▶ **PROBLEM REQUIREMENTS**
Each line below is to be repeated exactly; any picture is to be left out.

** Opening PROVIDED RECORDS block **

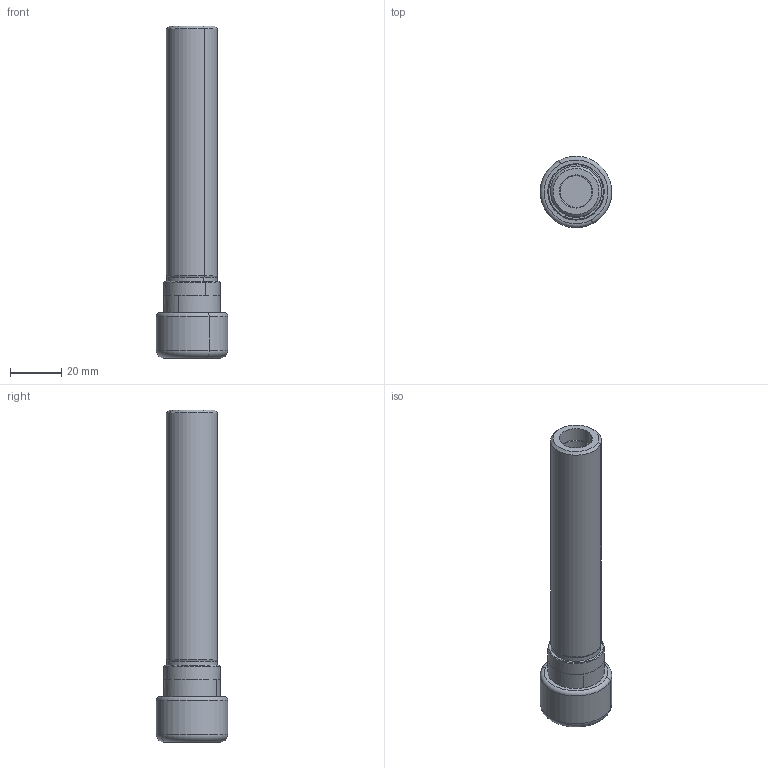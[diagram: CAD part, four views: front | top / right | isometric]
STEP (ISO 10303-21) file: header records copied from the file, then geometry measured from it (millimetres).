
FILE_DESCRIPTION(('CATIA V5 STEP','CAx-IF Rec.Pracs.--- Model Styling and Organization---1.2---2011-12-15'),'2;1');
FILE_NAME('\\nas01\drv1\utils\eitdev\rte\eit\transmagicconvert\db\out\635958952447655436\4502039 LM.stp','2016-04-10T11:27:39+00:00',('none'),('none'),'CATIA Version 5 Release 21 SP 5 (IN-10)','CATIA V5 STEP AP214','none');
FILE_SCHEMA(('AUTOMOTIVE_DESIGN { 1 0 10303 214 1 1 1 1 }'));
Length unit declared in the file: millimetre
Products named in the file (1): ST 20X100 ER16 F
Bounding box: 27.99 x 27.99 x 130 mm (x, y, z)
Volume: 39316 mm3; surface area: 11912 mm2
Topology: 1 solids, 1 shells, 44 faces, 89 edges, 52 vertices
Faces by surface type: cylinder 18, cone 11, plane 7, torus 6, extrusion 2
Entity records: 1167 total; most frequent: CARTESIAN_POINT 309, ORIENTED_EDGE 178, DIRECTION 138, EDGE_CURVE 89, AXIS2_PLACEMENT_3D 78, VERTEX_POINT 52, CIRCLE 49, EDGE_LOOP 49

** Closing PROVIDED RECORDS block **

▶ **RESPONSE TO THE TASK**
[diagram: CAD part, four views: front | top / right | isometric]
STEP (ISO 10303-21) file: header records copied from the file, then geometry measured from it (millimetres).
FILE_DESCRIPTION(('CATIA V5 STEP','CAx-IF Rec.Pracs.--- Model Styling and Organization---1.2---2011-12-15'),'2;1');
FILE_NAME('\\nas01\drv1\utils\eitdev\rte\eit\transmagicconvert\db\out\635958952447655436\4502039 LM.stp','2016-04-10T11:27:39+00:00',('none'),('none'),'CATIA Version 5 Release 21 SP 5 (IN-10)','CATIA V5 STEP AP214','none');
FILE_SCHEMA(('AUTOMOTIVE_DESIGN { 1 0 10303 214 1 1 1 1 }'));
Length unit declared in the file: millimetre
Products named in the file (1): ST 20X100 ER16 F
Bounding box: 27.99 x 27.99 x 130 mm (x, y, z)
Volume: 39316 mm3; surface area: 11912 mm2
Topology: 1 solids, 1 shells, 44 faces, 89 edges, 52 vertices
Faces by surface type: cylinder 18, cone 11, plane 7, torus 6, extrusion 2
Entity records: 1167 total; most frequent: CARTESIAN_POINT 309, ORIENTED_EDGE 178, DIRECTION 138, EDGE_CURVE 89, AXIS2_PLACEMENT_3D 78, VERTEX_POINT 52, CIRCLE 49, EDGE_LOOP 49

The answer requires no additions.